» **MATERIAL PROVIDED**
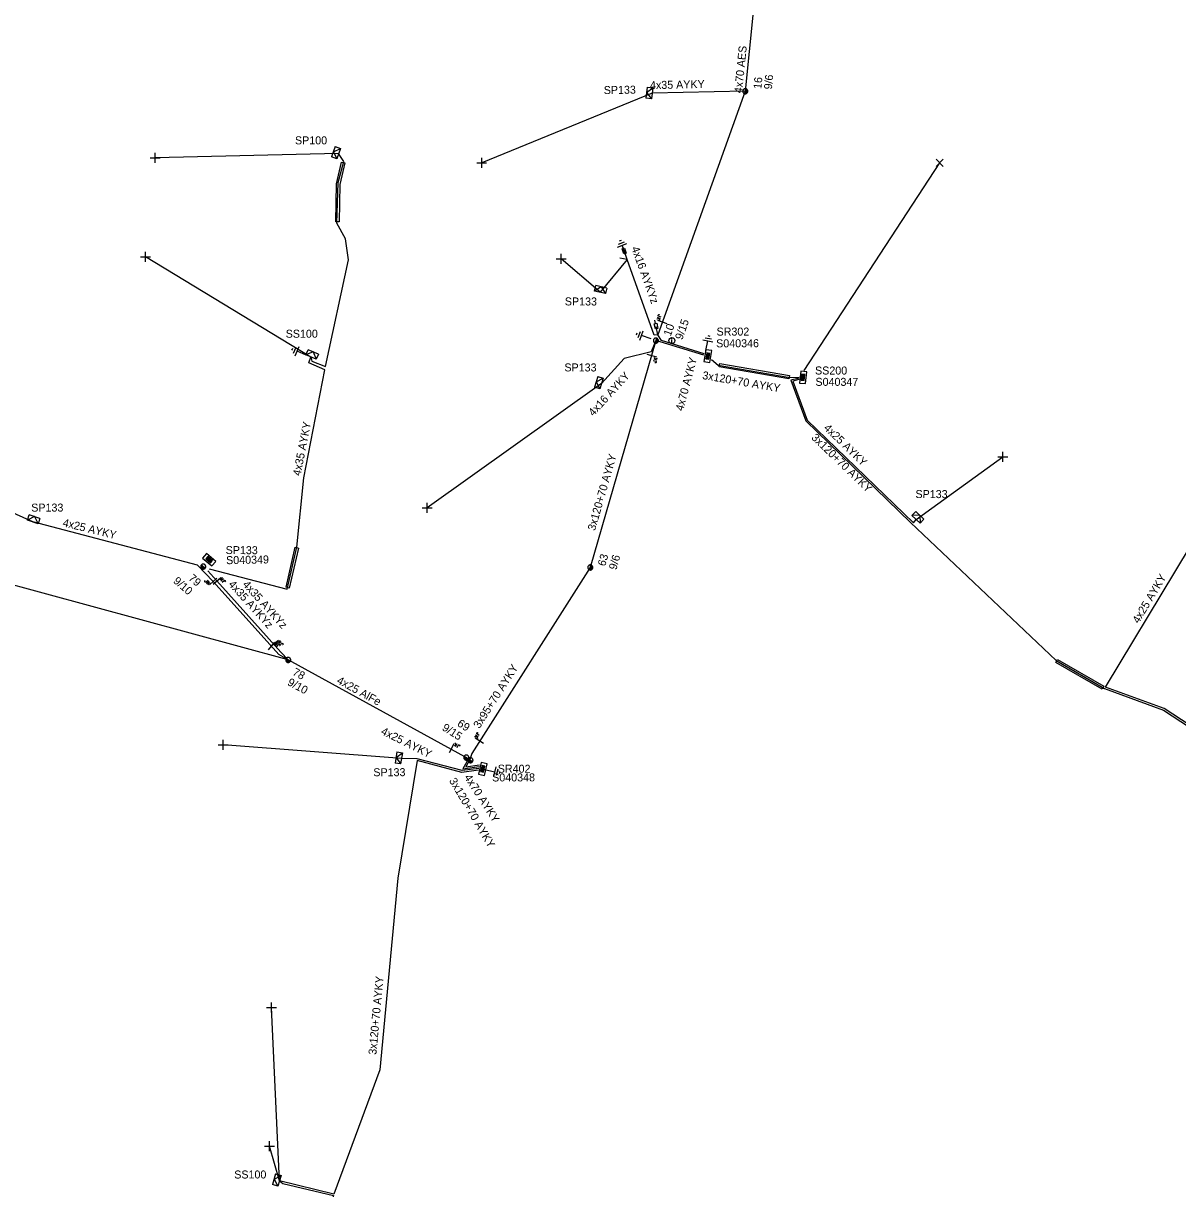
# Model space of a CAD drawing. Extents: x -748492 to -735633, y -1146251 to -1139940.
# Drawn here: x -741045.2 to -740901, y -1144241 to -1144095.3 of the extents above; entities that cross this region are included whole.
import ezdxf

# ---------------------------------------------------------------- set-up
doc = ezdxf.new("R2010")
doc.units = 0
for name, color, linetype in [('Vrstva 1', 7, 'Continuous'), ('Vrstva 10', 7, 'Continuous'), ('Vrstva 12', 7, 'Continuous'), ('Vrstva 13', 7, 'Continuous'), ('Vrstva 14', 7, 'Continuous'), ('Vrstva 15', 7, 'Continuous'), ('Vrstva 16', 7, 'Continuous'), ('Vrstva 18', 7, 'Continuous'), ('Vrstva 2', 7, 'Continuous'), ('Vrstva 20', 7, 'Continuous'), ('Vrstva 28', 7, 'Continuous'), ('Vrstva 29', 7, 'Continuous'), ('Vrstva 30', 7, 'Continuous'), ('Vrstva 31', 7, 'Continuous'), ('Vrstva 33', 7, 'Continuous'), ('Vrstva 34', 7, 'Continuous'), ('Vrstva 36', 7, 'Continuous'), ('Vrstva 5', 7, 'Continuous'), ('Vrstva 50', 7, 'Continuous'), ('Vrstva 51', 7, 'Continuous'), ('Vrstva 52', 7, 'Continuous'), ('Vrstva 53', 7, 'Continuous'), ('Vrstva 54', 7, 'Continuous'), ('Vrstva 55', 7, 'Continuous'), ('Vrstva 59', 7, 'Continuous'), ('Vrstva 6', 7, 'Continuous'), ('Vrstva 8', 7, 'Continuous'), ('Vrstva 9', 7, 'Continuous')]:
    doc.layers.add(name, color=color, linetype=linetype)

# ---------------------------------------------------------------- blocks, each defined once
blk = doc.blocks.new('NN440')
at = {"layer": 'Vrstva 2'}
for points in [[(0.63, 0), (0.63, 0.06), (0.62, 0.13), (0.6, 0.19), (0.58, 0.25), (0.55, 0.31), (0.51, 0.37), (0.47, 0.42), (0.42, 0.46), (0.37, 0.51), (0.32, 0.54), (0.26, 0.57), (0.2, 0.59), (0.13, 0.61), (0.07, 0.62), (0, 0.63), (-0.06, 0.62), (-0.13, 0.61), (-0.19, 0.59), (-0.26, 0.57), (-0.31, 0.54), (-0.37, 0.51), (-0.42, 0.46), (-0.47, 0.42), (-0.51, 0.37), (-0.54, 0.31), (-0.57, 0.25), (-0.6, 0.19), (-0.62, 0.13), (-0.63, 0.06), (-0.63, 0), (-0.63, -0.07), (-0.62, -0.14), (-0.6, -0.2), (-0.57, -0.26), (-0.54, -0.32), (-0.51, -0.37), (-0.47, -0.43), (-0.42, -0.47), (-0.37, -0.51), (-0.31, -0.55), (-0.26, -0.58), (-0.19, -0.6), (-0.13, -0.62), (-0.06, -0.63), (0, -0.63), (0.07, -0.63), (0.13, -0.62), (0.2, -0.6), (0.26, -0.58), (0.32, -0.55), (0.37, -0.51), (0.42, -0.47), (0.47, -0.43), (0.51, -0.37), (0.55, -0.32), (0.58, -0.26), (0.6, -0.2), (0.62, -0.14), (0.63, -0.07), (0.63, 0)], [(-0.63, 0), (0.63, 0)], [(-0.6, -0.18), (0.57, -0.18)], [(-0.51, -0.32), (0.5, -0.32)], [(-0.37, -0.47), (0.35, -0.47)]]:
    blk.add_lwpolyline(points, dxfattribs=at)
blk = doc.blocks.new('NN450')
at = {"layer": 'Vrstva 2'}
for points in [[(0, 0), (0, 0.07), (-0.01, 0.13), (-0.03, 0.19), (-0.05, 0.25), (-0.08, 0.31), (-0.12, 0.37), (-0.16, 0.42), (-0.21, 0.46), (-0.26, 0.51), (-0.31, 0.54), (-0.37, 0.57), (-0.43, 0.59), (-0.5, 0.61), (-0.56, 0.62), (-0.63, 0.62), (-0.69, 0.62), (-0.75, 0.61), (-0.82, 0.59), (-0.88, 0.57), (-0.94, 0.54), (-0.99, 0.51), (-1.04, 0.46), (-1.09, 0.42), (-1.13, 0.37), (-1.17, 0.31), (-1.2, 0.25), (-1.22, 0.19), (-1.24, 0.13), (-1.25, 0.07), (-1.25, 0), (-1.25, -0.07), (-1.24, -0.13), (-1.22, -0.19), (-1.2, -0.25), (-1.17, -0.31), (-1.13, -0.37), (-1.09, -0.42), (-1.04, -0.46), (-0.99, -0.51), (-0.94, -0.54), (-0.88, -0.57), (-0.82, -0.59), (-0.75, -0.61), (-0.69, -0.62), (-0.62, -0.63), (-0.56, -0.62), (-0.5, -0.61), (-0.43, -0.59), (-0.37, -0.57), (-0.31, -0.54), (-0.26, -0.51), (-0.21, -0.46), (-0.16, -0.42), (-0.12, -0.37), (-0.08, -0.31), (-0.05, -0.25), (-0.03, -0.19), (-0.01, -0.13), (0, -0.07), (0, 0)], [(1.25, 0), (1.25, 0.07), (1.24, 0.13), (1.22, 0.19), (1.2, 0.25), (1.17, 0.31), (1.13, 0.37), (1.09, 0.42), (1.04, 0.46), (0.99, 0.51), (0.94, 0.54), (0.88, 0.57), (0.82, 0.59), (0.75, 0.61), (0.69, 0.62), (0.62, 0.62), (0.56, 0.62), (0.5, 0.61), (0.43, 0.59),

» **THE TASK**
State how many lines in the records above contain the word "blocks", and give only that number.

» **OUTPUT OF THE EXERCISE**
3